(Records excerpted from a collection)

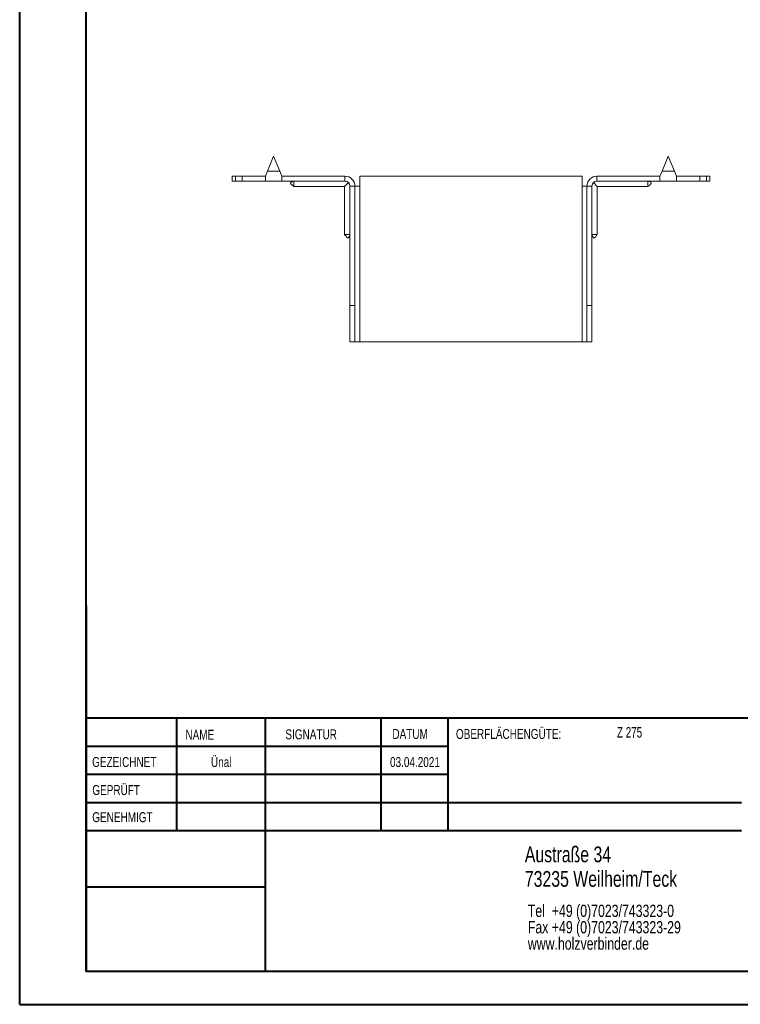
# Model space of a CAD drawing. Header units: millimetres. Extents: x 0 to 210, y 0 to 297.
# Tile 1 of 6: x 0 to 109, y 0 to 149. Entities that reach past the tile are written whole.
import ezdxf

# ---------------------------------------------------------------- set-up
doc = ezdxf.new("R2010")
doc.units = ezdxf.units.MM
doc.styles.add('SLDTEXTSTYLE0', font='TXT', dxfattribs={"width": 0.75})
doc.styles.add('SLDTEXTSTYLE2', font='TXT', dxfattribs={"width": 0.7})

# ---------------------------------------------------------------- blocks, each defined once
blk = doc.blocks.new('SW_NOTE_0')
at = {"color": 0, "linetype": 'Continuous', "lineweight": 0, "char_height": 1.8521, "attachment_point": 1, "style": 'SLDTEXTSTYLE0'}
for s, insert in [('Tel  +49 (0)7023/743323-0', (0, 2.39)), ('Fax +49 (0)7023/743323-29', (0, -0.08)), ('www.holzverbinder.de', (0, -2.55))]:
    blk.add_mtext(s, dxfattribs=dict(at, insert=insert))

msp = doc.modelspace()

# ---------------------------------------------------------------- linework, layer by layer
at = {"color": 7, "linetype": 'Continuous', "lineweight": 40}
for p, q in [((0.08, 0.21), (0.08, 297.21)), ((10.08, 5.21), (10.08, 292.21)), ((10.11, 60.37), (10.11, 5.12)), ((205.08, 43.37), (10.11, 43.37)), ((23.71, 43.37), (23.71, 26.37)), ((37.1, 43.37), (37.1, 5.12)), ((54.51, 43.37), (54.51, 26.37)), ((64.71, 26.37), (64.71, 43.37)), ((64.71, 39.1), (10.11, 39.1)), ((64.71, 34.87), (10.11, 34.87)), ((108.91, 30.62), (10.11, 30.62)), ((108.91, 26.37), (10.11, 26.37)), ((37.1, 17.87), (10.11, 17.87)), ((10.11, 13.71), (10.08, 13.71)), ((10.11, 9.46), (10.08, 9.46)), ((10.08, 5.21), (205.08, 5.21)), ((0.08, 0.21), (210.08, 0.21))]:
    msp.add_line(p, q, dxfattribs=at)
at = {"color": 7, "linetype": 'Continuous', "lineweight": 15}
for p, q in [((38.37, 128.12), (37.44, 125.87)), ((39.31, 125.87), (38.37, 128.12)), ((97.87, 128.12), (96.94, 125.87)), ((98.81, 125.87), (97.87, 128.12)), ((32.12, 125.12), (32.12, 124.37)), ((32.12, 125.12), (32.62, 125.12)), ((32.62, 125.12), (32.62, 124.37)), ((32.62, 125.12), (33.62, 125.12)), ((33.62, 124.37), (33.62, 125.12)), ((37.12, 125.12), (33.62, 125.12)), ((37.44, 125.87), (37.12, 125.12)), ((37.12, 125.12), (37.12, 124.37)), ((37.44, 125.87), (39.31, 125.87)), ((39.62, 125.12), (39.31, 125.87)), ((39.62, 124.37), (39.62, 125.12)), ((49.12, 125.12), (39.62, 125.12)), ((49.12, 124.37), (49.12, 125.12)), ((51.37, 123.62), (51.37, 125.12)), ((84.87, 125.12), (51.37, 125.12)), ((84.87, 125.12), (84.87, 123.62)), ((87.12, 124.37), (87.12, 125.12)), ((87.12, 125.12), (96.62, 125.12)), ((96.94, 125.87), (96.62, 125.12)), ((96.62, 125.12), (96.62, 124.37)), ((96.94, 125.87), (98.81, 125.87)), ((99.12, 125.12), (98.81, 125.87)), ((99.12, 124.37), (99.12, 125.12)), ((99.12, 125.12), (102.62, 125.12)), ((102.62, 124.37), (102.62, 125.12)), ((102.62, 125.12), (103.62, 125.12)), ((103.62, 124.37), (103.62, 125.12)), ((103.62, 125.12), (104.12, 125.12)), ((104.12, 124.37), (104.12, 125.12)), ((32.62, 124.37), (32.12, 124.37)), ((33.62, 124.37), (32.62, 124.37)), ((37.12, 124.37), (33.62, 124.37)), ((37.12, 124.37), (39.62, 124.37)), ((49.12, 124.37), (39.62, 124.37)), ((41.42, 123.57), (49.07, 123.57)), ((49.07, 123.57), (49.65, 124.15)), ((49.07, 123.57), (49.07, 116.31)), ((49.87, 123.62), (50.62, 123.62)), ((49.87, 105.62), (49.87, 123.62)), ((50.62, 105.62), (50.62, 123.62)), ((50.62, 123.62), (51.37, 123.62)), ((51.37, 100.12), (51.37, 123.62)), ((84.87, 123.62), (84.87, 100.12)), ((84.87, 123.62), (85.62, 123.62)), ((86.37, 123.62), (85.62, 123.62)), ((85.62, 105.62), (85.62, 123.62)), ((86.37, 105.62), (86.37, 123.62)), ((86.59, 124.15), (87.17, 123.57)), ((87.12, 124.37), (96.62, 124.37)), ((87.17, 123.57), (94.82, 123.57)), ((87.17, 116.31), (87.17, 123.57)), ((96.62, 124.37), (99.12, 124.37)), ((99.12, 124.37), (102.62, 124.37)), ((103.62, 124.37), (102.62, 124.37)), ((104.12, 124.37), (103.62, 124.37)), ((50.62, 105.62), (49.87, 105.62)), ((49.87, 100.12), (49.87, 105.62)), ((50.62, 100.12), (50.62, 105.62)), ((85.62, 105.62), (86.37, 105.62)), ((85.62, 100.12), (85.62, 105.62)), ((86.37, 100.12), (86.37, 105.62)), ((49.87, 100.12), (50.62, 100.12)), ((50.62, 100.12), (51.37, 100.12)), ((84.87, 100.12), (51.37, 100.12)), ((84.87, 100.12), (85.62, 100.12)), ((85.62, 100.12), (86.37, 100.12))]:
    msp.add_line(p, q, dxfattribs=at)
at = {"color": 7, "linetype": 'Continuous', "lineweight": 0}
for p, q in [((64.71, 39.12), (10.11, 39.12)), ((23.71, 5.21), (23.71, 5.12)), ((54.51, 5.21), (54.51, 5.12))]:
    msp.add_line(p, q, dxfattribs=at)
at = {"color": 7, "linetype": 'Continuous', "lineweight": 15}
for centre, radius, start, end in [((49.12, 123.62), 1.5, 0, 90), ((87.12, 123.62), 1.5, 90, 180), ((49.12, 123.62), 0.75, 0, 90), ((87.12, 123.62), 0.75, 90, 180)]:
    msp.add_arc(centre, radius, start, end, dxfattribs=at)
for points, knots in [([(41.42, 124.37), (41.3, 124.33), (41.14, 124.27), (40.97, 124.17), (40.93, 124.1), (40.92, 124.07), (40.92, 124.03), (40.94, 123.99), (41, 123.91), (41.18, 123.78), (41.33, 123.65), (41.43, 123.56)], [0, 0, 0, 0, 0.285501, 0.392615, 0.433608, 0.452355, 0.47104, 0.511905, 0.562272, 0.6953, 1, 1, 1, 1]), ([(41.42, 124.37), (41.42, 124.29), (41.42, 124.1), (41.42, 123.83), (41.42, 123.64), (41.42, 123.56), (41.42, 123.58), (41.42, 123.58)], [0, 0, 0, 0, 0.176999, 0.437532, 0.698072, 0.958616, 1, 1, 1, 1]), ([(94.82, 123.56), (94.9, 123.64), (95.03, 123.75), (95.21, 123.88), (95.3, 123.96), (95.32, 124.03), (95.32, 124.07), (95.32, 124.1), (95.29, 124.15), (95.14, 124.27), (94.97, 124.32), (94.82, 124.37)], [0, 0, 0, 0, 0.256731, 0.386951, 0.489173, 0.528771, 0.547318, 0.566205, 0.608673, 0.662214, 1, 1, 1, 1]), ([(94.82, 124.37), (94.82, 124.29), (94.82, 124.1), (94.82, 123.83), (94.82, 123.64), (94.82, 123.56), (94.82, 123.58), (94.82, 123.58)], [0, 0, 0, 0, 0.176999, 0.437532, 0.698072, 0.958616, 1, 1, 1, 1]), ([(49.06, 116.31), (49.14, 116.23), (49.26, 116.1), (49.38, 115.92), (49.47, 115.83), (49.53, 115.81), (49.57, 115.81), (49.6, 115.81), (49.65, 115.84), (49.77, 115.99), (49.83, 116.16), (49.87, 116.31)], [0, 0, 0, 0, 0.2567309, 0.3869507, 0.4891734, 0.528771, 0.5473178, 0.5662047, 0.608673, 0.6622137, 1, 1, 1, 1]), ([(49.08, 116.31), (49.09, 116.31), (49.1, 116.31), (49.26, 116.31), (49.48, 116.31), (49.7, 116.31), (49.81, 116.31), (49.87, 116.31)], [0, 0, 0, 0, 0.217783, 0.478083, 0.738383, 0.867316, 1, 1, 1, 1]), ([(86.37, 116.31), (86.41, 116.19), (86.47, 116.02), (86.58, 115.86), (86.64, 115.81), (86.68, 115.81), (86.71, 115.81), (86.76, 115.82), (86.84, 115.89), (86.97, 116.06), (87.09, 116.21), (87.18, 116.31)], [0, 0, 0, 0, 0.2855011, 0.3926152, 0.4336078, 0.4523546, 0.4710404, 0.511905, 0.562272, 0.6952998, 1, 1, 1, 1]), ([(87.16, 116.31), (87.16, 116.31), (87.15, 116.31), (86.98, 116.31), (86.76, 116.31), (86.55, 116.31), (86.43, 116.31), (86.37, 116.31)], [0, 0, 0, 0, 0.217783, 0.478083, 0.738383, 0.867316, 1, 1, 1, 1])]:
    msp.add_open_spline(points, degree=3, knots=knots, dxfattribs=at)

# ---------------------------------------------------------------- block references
at = {"color": 7, "linetype": 'Continuous', "lineweight": 0}
msp.add_blockref('SW_NOTE_0', (76.7, 12.85), dxfattribs=at)

# ---------------------------------------------------------------- texts
for s, insert, char_height, attachment_point, style in [('NAME', (25.07, 41.62), 1.5, 1, 'SLDTEXTSTYLE0'), ('SIGNATUR', (40.14, 41.68), 1.5, 1, 'SLDTEXTSTYLE0'), ('DATUM', (56.28, 41.74), 1.5, 1, 'SLDTEXTSTYLE0'), ('OBERFLÄCHENGÜTE:', (65.86, 41.74), 1.5, 1, 'SLDTEXTSTYLE0'), ('Z 275', (90.14, 42.03), 1.587, 1, 'SLDTEXTSTYLE2'), ('GEZEICHNET', (11, 37.51), 1.5, 1, 'SLDTEXTSTYLE0'), ('Ünal', (30.47, 37.5), 1.499, 2, 'SLDTEXTSTYLE0'), ('03.04.2021', (59.68, 37.5), 1.499, 2, 'SLDTEXTSTYLE0'), ('GEPRÜFT', (11.03, 33.28), 1.5, 1, 'SLDTEXTSTYLE0'), ('GENEHMIGT', (11.02, 29.19), 1.5, 1, 'SLDTEXTSTYLE0'), ('Austraße 34', (76.25, 24.02), 2.3813, 1, 'SLDTEXTSTYLE0'), ('73235 Weilheim/Teck', (76.25, 20.32), 2.3813, 1, 'SLDTEXTSTYLE0')]:
    msp.add_mtext(s, dxfattribs=dict(at, insert=insert, char_height=char_height, attachment_point=attachment_point, style=style))

doc.saveas('drawing.dxf')

* [What this task involves] Word for word and without pictures, please write out only the lines from the start of the entries through the line containing "doc.units = ezdxf.units.MM", both included.

* [Answer section]
# Model space of a CAD drawing. Header units: millimetres. Extents: x 0 to 210, y 0 to 297.
# Tile 1 of 6: x 0 to 109, y 0 to 149. Entities that reach past the tile are written whole.
import ezdxf

# ---------------------------------------------------------------- set-up
doc = ezdxf.new("R2010")
doc.units = ezdxf.units.MM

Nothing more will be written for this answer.